No pictures go into the output, which should consist only of the lines from the first line of the data through the line with "[Model Spec]", copied exactly.

[DATA EXTRACTS]

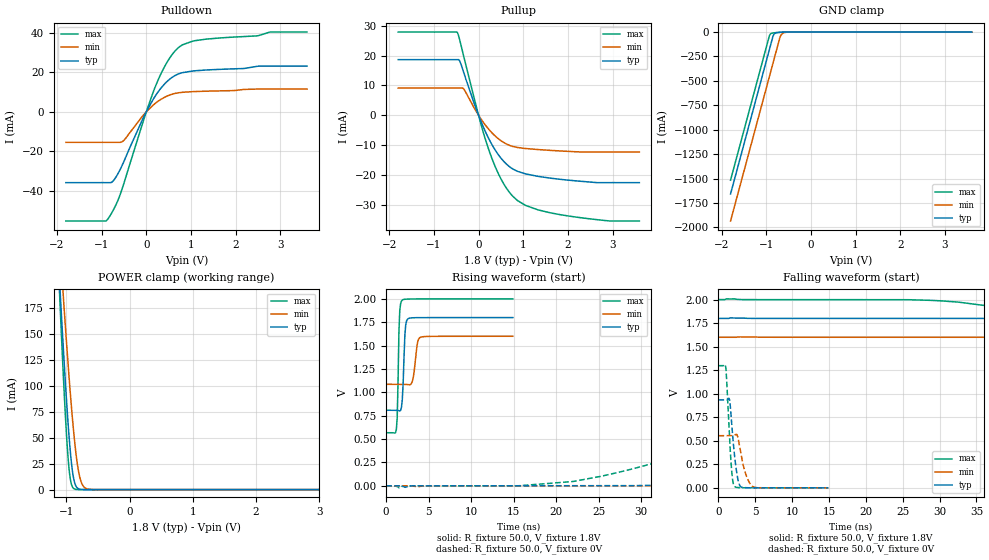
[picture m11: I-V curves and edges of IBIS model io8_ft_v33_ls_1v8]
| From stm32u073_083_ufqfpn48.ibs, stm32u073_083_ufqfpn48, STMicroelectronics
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[Model]   io8_ft_v33_ls_1v8
Model_type I/O
Polarity   Non-Inverting
Enable   Active-Low
| CAP_THRESHOLD on pad IOFT is "UDTCAPC" :
| Rising=30.0% of vddiom   Falling=70.0% of vddiom
| C_comp min and max val. don't necessarily correlate with the min and max pvt
| but are the smallest and greatest pad capacitance found.
| var   typ   min   max
C_comp   2.10723pF  2.10452pF  2.16862pF
|C_comp_pullup   1.19917pF  1.17985pF  1.18495pF
|C_comp_pulldown   908.05315fF  924.66568fF  983.67002fF
Vinl = 480.0mV
Vinh = 1.4V
Vmeas = 900.0mV   | Reference voltage for timing measurements
Cref  = 50.0pF   | Timing specification test load capacitance value
Rref  = 100.0MOhm   | Timing specification test load resistance value
Vref  = 900.0mV   | Timing specification test load voltage
[Model Spec]
| TIME_THRESHOLD on pin ZIV33M is "CMOS" :
| Rising=50.0% of vddiom   Falling=50.0% of vddiom
Vinl 728.70000mV 655.70000mV 817.70000mV
Vinh 1.06430V 949.30000mV 1.16330V
| variable   typ   min   max
[Temperature Range] 25.0 140.0 -40.0
| variable   typ   min   max
[Voltage Range] 1.8V 1.6V 2.0V
| variable   typ   min   max
[POWER Clamp Reference] 1.8V 1.6V 2.0V
| variable   typ   min   max
[GND Clamp Reference] 0V 0V 0V
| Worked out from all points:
|   slope of the pulldown table from 0 to 0.27 V, typ, clamps not added: 26.3 ohm
|   slope of the pullup table from 0 to 0.27 V, typ, clamps not added: 30 ohm
|   GND clamp passes 1 mA (typ) near -0.61 V on its own axis
|   POWER clamp passes 1 mA (typ) near -0.81 V on its own axis
|   rising waveform, R_fixture 50.0, V_fixture 1.8V: 20-80 % time 251ps typ, 393ps min, 199ps max; typ from 0.809 V to 1.8 V
|   falling waveform, R_fixture 50.0, V_fixture 1.8V: 20-80 % time 67ns typ, 120ns min, 35.2ns max; typ from 1.8 V to 0.809 V
|   rising waveform, R_fixture 50.0, V_fixture 0V: 20-80 % time 65.2ns typ, 121ns min, 35.8ns max; typ from 0 V to 0.935 V
|   falling waveform, R_fixture 50.0, V_fixture 0V: 20-80 % time 695ps typ, 1.01ns min, 535ps max; typ from 0.935 V to 0 V
[POWER Clamp]
-1.8V     1.053A     943.1mA    1.262A
-1.11V    202.2mA    242.3mA    190.9mA
-1.09V    180mA      223.6mA    163.4mA
-1.05V    136.9mA    187mA      110.9mA
-980mV    68.91mA    126.1mA    35.23mA
-940mV    37.57mA    94.11mA    10.65mA
-880mV    8.969mA    52.17mA    807.4uA
-830mV    1.697mA    25.82mA    75.79uA
-790mV    394.2uA    12.22mA    11.25uA
-740mV    61.25uA    3.879mA    1.034uA
-660mV    3.073uA    483.4uA    22.7nA
3.6V      0A         0A         0A
[GND Clamp]
-1.8V     -1.658A    -1.935A    -1.517A
-930mV    -179mA     -456mA     -38.91mA
-900mV    -128mA     -405mA     -17.65mA
-850mV    -44.09mA   -320mA     -9.519mA
-830mV    -24.74mA   -286mA     -8.302mA
-790mV    -9.695mA   -218mA     -6.49mA
-700mV    -2.938mA   -65mA      -3.294mA
-670mV    -2.157mA   -31.85mA   -2.435mA
-640mV    -1.545mA   -16.21mA   -1.699mA
-570mV    -571.9uA   -3.807mA   -536.5uA
-420mV    -14.26uA   -143.3uA   -5.434uA
3.6V      449.1pA    102.3nA    316.4pA
| variable   typ   min   max
[Pullup Reference] 1.8V 1.6V 2.0V
| variable   typ   min   max
[Pulldown Reference] 0V 0V 0V
[Pullup]
-1.8V     18.63mA    9.13mA     27.86mA
-480mV    18.63mA    9.13mA     27.8mA
-420mV    18.05mA    9.13mA     25.03mA
-330mV    14.19mA    8.744mA    19.54mA
40mV      -1.53mA    -918.5uA   -2.253mA
250mV     -8.43mA    -5.045mA   -12.43mA
540mV     -15mA      -8.866mA   -22.31mA
870mV     -18.72mA   -10.75mA   -28.48mA
1.33V     -20.4mA    -11.44mA   -31.6mA
1.9V      -21.5mA    -11.96mA   -33.39mA
2.94V     -22.49mA   -12.26mA   -35.33mA
3.6V      -22.49mA   -12.26mA   -35.33mA
[Pulldown]
-1.8V     -35.76mA   -15.41mA   -55.17mA
-910mV    -35.76mA   -15.41mA   -55.17mA
-830mV    -35.76mA   -15.41mA   -53.18mA
-710mV    -34mA      -15.41mA   -48.42mA
-520mV    -26.05mA   -14.75mA   -37.5mA
-90mV     -4.145mA   -2.306mA   -6.327mA
230mV     8.974mA    4.797mA    14.24mA
490mV     15.87mA    8.222mA    26.01mA
750mV     19.43mA    9.742mA    33.01mA
1.33V     21.16mA    10.45mA    36.75mA
2.78V     23.13mA    11.52mA    40.36mA
3.6V      23.13mA    11.52mA    40.37mA
[Ramp]
dV/dt_r 560.7334mV/65.18145ns 332.39542mV/119.67885ns 778.78019mV/35.81994ns
dV/dt_f 594.84476mV/67.00581ns 308.28383mV/119.27462ns 859.12992mV/35.18084ns
R_load = 50.0
| Removed startup time: 0s 0s 0s  .
| Removed end time: 14.9ns.
[Rising Waveform]
R_fixture   = 50.0
V_fixture   = 1.8V
V_fixture_min = 1.6V
V_fixture_max = 2.0V
0s        808.6mV    1.086V     568.1mV
1.2ns     808.3mV    1.086V     602.7mV
1.3ns     807.6mV    1.086V     729.4mV
1.5ns     803.6mV    1.086V     1.642V
1.6ns     801.5mV    1.086V     1.872V
1.9ns     924.4mV    1.086V     1.988V
2.2ns     1.608V     1.085V     1.996V
2.6ns     1.789V     1.082V     1.998V
4ns       1.799V     1.587V     1.999V
14.9ns    1.8V       1.6V       2V
| Removed startup time: 0s 0s 0s  .
| Removed end time: 999.9ns.
[Falling Waveform]
R_fixture   = 50.0
V_fixture   = 1.8V
V_fixture_min = 1.6V
V_fixture_max = 2.0V
0s        1.8V       1.6V       2V
36.6ns    1.8V       1.6V       1.934V
57.8ns    1.777V     1.6V       1.46V
73.7ns    1.693V     1.598V     1.04V
84.7ns    1.601V     1.594V     831mV
104.9ns   1.391V     1.573V     678.3mV
132.4ns   1.123V     1.519V     613.6mV
188ns     900.3mV    1.345V     578.5mV
315.8ns   817.3mV    1.14V      568.4mV
999.9ns   808.6mV    1.086V     568.1mV
| Removed startup time: 0s 0s 0s  .
| Removed end time: 999.9ns.
[Rising Waveform]
R_fixture   = 50.0
V_fixture   = 0V
V_fixture_min = 0V
V_fixture_max = 0V
0s        -9.652uV   -5.561uV   -9.618uV
22ns      658.3uV    -25.25uV   46.57mV
41.2ns    40.35mV    848.7uV    498.2mV
55.9ns    161.2mV    6.11mV     840.8mV
71ns      322.4mV    21.41mV    1.075V
107.9ns   657.1mV    113.7mV    1.263V
138.6ns   809.8mV    219.9mV    1.289V
174.3ns   888.1mV    331.7mV    1.297V
326.1ns   933.7mV    529.3mV    1.298V
999.9ns   934.6mV    554mV      1.298V
| Removed startup time: 0s 0s 0s  .
| Removed end time: 14.9ns.
[Falling Waveform]
R_fixture   = 50.0
V_fixture   = 0V
V_fixture_min = 0V
V_fixture_max = 0V
0s        934.6mV    554mV      1.298V
1ns       933.9mV    554mV      1.277V
1.5ns     936.5mV    553.7mV    528.7mV
1.7ns     777.7mV    553.5mV    272.9mV
1.9ns     576.1mV    553.8mV    93.82mV
2.2ns     325.8mV    560.3mV    14.4mV
2.9ns     23.13mV    422.8mV    1.748mV
3.6ns     2.107mV    170.3mV    883.3uV
4.6ns     672.7uV    15.53mV    516.3uV
14.9ns    64.68uV    45.44uV    114.2uV

[/DATA EXTRACTS]

* _RESULT OF THE EXERCISE_
[picture m11: I-V curves and edges of IBIS model io8_ft_v33_ls_1v8]
| From stm32u073_083_ufqfpn48.ibs, stm32u073_083_ufqfpn48, STMicroelectronics
[Model]   io8_ft_v33_ls_1v8
Model_type I/O
Polarity   Non-Inverting
Enable   Active-Low
| CAP_THRESHOLD on pad IOFT is "UDTCAPC" :
| Rising=30.0% of vddiom   Falling=70.0% of vddiom
| C_comp min and max val. don't necessarily correlate with the min and max pvt
| but are the smallest and greatest pad capacitance found.
| var   typ   min   max
C_comp   2.10723pF  2.10452pF  2.16862pF
|C_comp_pullup   1.19917pF  1.17985pF  1.18495pF
|C_comp_pulldown   908.05315fF  924.66568fF  983.67002fF
Vinl = 480.0mV
Vinh = 1.4V
Vmeas = 900.0mV   | Reference voltage for timing measurements
Cref  = 50.0pF   | Timing specification test load capacitance value
Rref  = 100.0MOhm   | Timing specification test load resistance value
Vref  = 900.0mV   | Timing specification test load voltage
[Model Spec]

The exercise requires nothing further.